In order to determine whether the conjugated NGF protein retained its biological activity, and was not harmed by the binding process, we examined NGF-MNPs’ functionality. We used PC12 cells, a common model for neuronal differentiation, which differentiate and extend branching neurites when exposed to NGF in vitro [53]. NGF-MNPs were added to PC12 cells that were cultured a day before on collagen-coated plates. The NGF-MNPs were found to induce PC12 differentiation. The cells demonstrated neurite outgrowth and they formed a branched network (Figure 1f).
Although several formulations of iron oxide nanoparticles have already been approved by the FDA as MRI contrast agents for clinical use [54,55], other iron oxide nanoparticles show toxic effects [56,57]. Therefore, the toxicity level of the particles must be tested. Cell viability XTT assay showed that the NGF-MNPs exhibited no significant cytotoxicity to several different types of cells, including rat adrenal pheochromocytoma cells (PC12), human neuroblastoma cells (SH-SY5Y), and mouse embryonic fibroblast cells (NIH 3T3), even under high concentrations up to 250 µg/mL (Figure 2a). Cellular uptake of NGF-MNPs was studied by time-lapse fluorescence microscopy. Already three minutes after the NGF-MNPs addition to cell culture dish, a red fluorescence signal was detected from cytoplasm of PC12 cells (Figure 2b). The fluorescence increased in a time-dependent manner.

3.2. In Vitro Magnetic Targeting of NGF-MNPs

For in vitro local targeting of the NGF-MNPs we designed a 3D platform that can hold portable magnets in a modular combination according to need. This modular magnetic device enables the creation of magnetic “hot spots” that attract the magnetic carriers. Furthermore, such modular magnetic devices can be used for many magnet-based applications, including applying mechanical stress on membranes, cytoskeleton, or other organelles regulating gene expression and intracellular processes. For example, Zablotskii et al. used a hexagonal matrix consisting of millimetre sized cylinders to magnetically regulate cellular nanomechanics of stem cells [58]. Here, we printed a beehive shaped non-magnetic block embedded with parallel holes (Figure 3a). This non-magnetic device was designed as a plastic porous rectangular prism. The pinholes in the device are scattered equally, as the distance between two adjacent pinhole centers is equal (Figure 3b). By arranging the magnetic rods at a desired form within the block, specific patterns of external magnetic fields can be achieved above. We used neodymium magnets N42 (NdFeB) with cylinder dimensions of 1 mm diameter and 1 mm height each (Figure 3c). Piling these magnets one on top of the other creates the rod structure (Figure 3d). We calculated the effective magnetic field above one single magnetic rod that can serve as a building block for any chosen configuration.
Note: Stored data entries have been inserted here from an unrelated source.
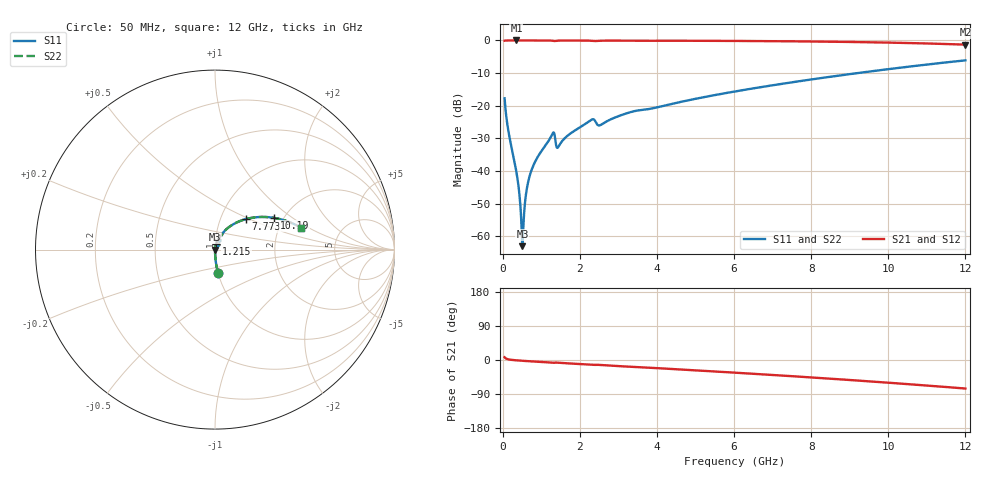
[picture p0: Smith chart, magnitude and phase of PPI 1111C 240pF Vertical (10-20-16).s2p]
# GHz S MA R 50
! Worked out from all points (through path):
!   1601 points, 50 MHz to 12 GHz, reference 50 ohm
!   highest |S21| = -0.01 dB at 356.2 MHz (marker M1); lowest = -1.3 dB at 12 GHz (marker M2)
!   group delay of S21, straight-line fit = 17.3 ps
!   lowest |S11| = -63.0 dB at 513.1 MHz (marker M3), VSWR 1.00, Z = 50.1 + j0.000529 ohm
!   |S11| at or under -10 dB: start of sweep to 9.201 GHz
!   |S22| runs from -63.0 to -6.1 dB; largest |S21 - S12| = 0
!   S11 on the Smith chart (normalised r, x): 50 MHz: 1.00, -0.26; 1.215 GHz: 1.01, +0.06; 7.773 GHz: 1.32, +0.47; 10.19 GHz: 1.79, +0.74; 12 GHz: 2.65, +0.85
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0.05  0.13 -82.6  0.9912 7.3  0.9912 7.3  0.13 -82.6
0.1620312  0.03678 -87.9  0.9989 1.5  0.9989 1.5  0.03678 -87.9
0.3562187  0.00967 -87.3  0.9993 -0.9  0.9993 -0.9  0.00967 -87.3
0.4159687  0.005505 -84.6  0.9993 -1.4  0.9993 -1.4  0.005505 -84.6
0.4757188  0.002059 -72.4  0.9993 -1.8  0.9993 -1.8  0.002059 -72.4
0.5130625  0.0007082 0.4  0.9993 -2.1  0.9993 -2.1  0.0007082 0.4
0.5504062  0.00201 66.3  0.9992 -2.3  0.9992 -2.3  0.00201 66.3
0.6325625  0.005639 79.2  0.9992 -2.9  0.9992 -2.9  0.005639 79.2
0.7296563  0.009613 81.5  0.9991 -3.5  0.9991 -3.5  0.009613 81.5
1.215125  0.03068 77.6  0.9964 -6.7  0.9964 -6.7  0.03068 77.6
1.30475  0.03861 64.8  0.9874 -7.4  0.9874 -7.4  0.03861 64.8
1.446656  0.02362 67.8  0.9935 -7.2  0.9935 -7.2  0.02362 67.8
2.044156  0.04841 76.0  0.9962 -11.0  0.9962 -11.0  0.04841 76.0
2.313031  0.06171 67.1  0.9872 -12.8  0.9872 -12.8  0.06171 67.1
2.522156  0.05024 65.7  0.9888 -13.0  0.9888 -13.0  0.05024 65.7
4.038312  0.09549 64.8  0.9893 -21.7  0.9893 -21.7  0.09549 64.8
6.025  0.1655 55.5  0.9826 -33.4  0.9826 -33.4  0.1655 55.5
7.772687  0.2414 44.7  0.9665 -44.5  0.9665 -44.5  0.2414 44.7
8.019156  0.2534 43.1  0.9633 -46.1  0.9633 -46.1  0.2534 43.1
10.01331  0.3642 29.3  0.9265 -60.0  0.9265 -60.0  0.3642 29.3
10.18509  0.3748 28.1  0.9222 -61.3  0.9222 -61.3  0.3748 28.1
12  0.4957 14.2  0.8627 -75.3  0.8627 -75.3  0.4957 14.2
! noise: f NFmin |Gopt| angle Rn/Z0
0.05  0.0003685  0.8648  0.2822  0.0005853
1.372  0.01512  0.9077  5.549  0.03588
2.701  0.01059  0.7615  10.77  0.008925
4.031  0.01503  0.7527  15.94  0.01203
5.36  0.01296  0.6461  20.56  0.006731
6.682  0.01453  0.6186  25.07  0.006781
8.012  0.01665  0.6101  29.49  0.00743
9.341  0.01907  0.6113  33.76  0.00838
10.67  0.02183  0.6194  37.91  0.009626
12  0.02498  0.6331  41.95  0.01124

Figure 3e presents the simulated magnetic flux density that was generated by a single magnet rod.
Figure 4 presents an example of a circular arrangement of magnets. Six pinholes in the hive device were filled with the neodymium magnet rods in a form of a circle with a single rod in the center. The six magnets of the perimeter were polarized in one direction and the center magnet was polarized in the opposite magnetization direction. We simulated the magnetic flux density at different planes: 0.1 mm, 0.5 mm, 1 mm, 1.5 mm, 2 mm, and 2.5 mm above the magnetic rods. Simulation of the magnetic flux density one mm above the stand (equals to the thickness of the plastic plate culture) shows a maximal intensity value of ~0.16 T above the magnetic rods, appearing as seven magnetic “hot spots”. It can be seen that, according to the simulation, 2.5 mm above the device surface the highest magnetic intensity is shaped as a continuous circle forming an effective magnetic attractive area of a ring. Magnetic field gradients, which are responsible for MNPs actuation at a distance, were simulated demonstrating the effective magnetic area above the device (Figure S2).
In order to induce differentiation locally, we used the 3D platform of the beehive block embedded with the magnetic rods to design “hot spots” that will attract the NGF-MNPs selectively to specific regions in culture dish. PC12 cells were cultured overnight and they were shown to be spread homogenously in the culture. To demonstrate clearly the localized effect, the culture dish was placed atop the magnetic stand and only a single magnet rod was placed in one of the pinholes (Figure 5a). NGF-MNPs were added to the culture dish for incubation, and before imaging cells were washed, therefore only nanoparticles interacting with cells could be detected. It can be seen that cells above magnet site demonstrate a high uptake of the NGF-MNPs, whereas cells in other areas of the dish, away from the magnet, show no accumulation of nanoparticles (Figure 5b).
To examine the ability to induce efficient differentiation locally, the NGF-MNPs that were added to the homogenous cell culture were incubated for four days before imaging. Phase contrast images of the PC12 cells, far and close to the magnetic “hot spots”, indicate the localized differentiation effect (Figure 5c). PC12 cells above magnetic site were at an advanced stage of differentiation with long neurites interconnecting between neighboring cells. The longest neurite observed was >250 µm. On the contrary, cells that were 0.5 cm away from magnet site had shorter neurites, with the longest neurite of ~70 µm. The cells located far from the magnet site (zone 4) showed no differentiation.
The nonhomogeneous levels of differentiation result from the magnetic attracting forces that localize the factors activity only at selected areas. Due to the superparamagnetic behavior of the magnetic particles, NGF-MNPs are magnetized only in the presence of an external magnetic field and are attracted towards the magnetic sites by the magnetic field gradients (according to theoretical equations elaborated in Supplementary 3). Magnets with other strength and sizes will lead to other differentiation profiles. As was previously reported, the conjugated NGF to the magnetic carriers is functional and induces even higher levels of differentiation. We have shown that the conjugated factor is uptaken by the cells through the normal pathway [47].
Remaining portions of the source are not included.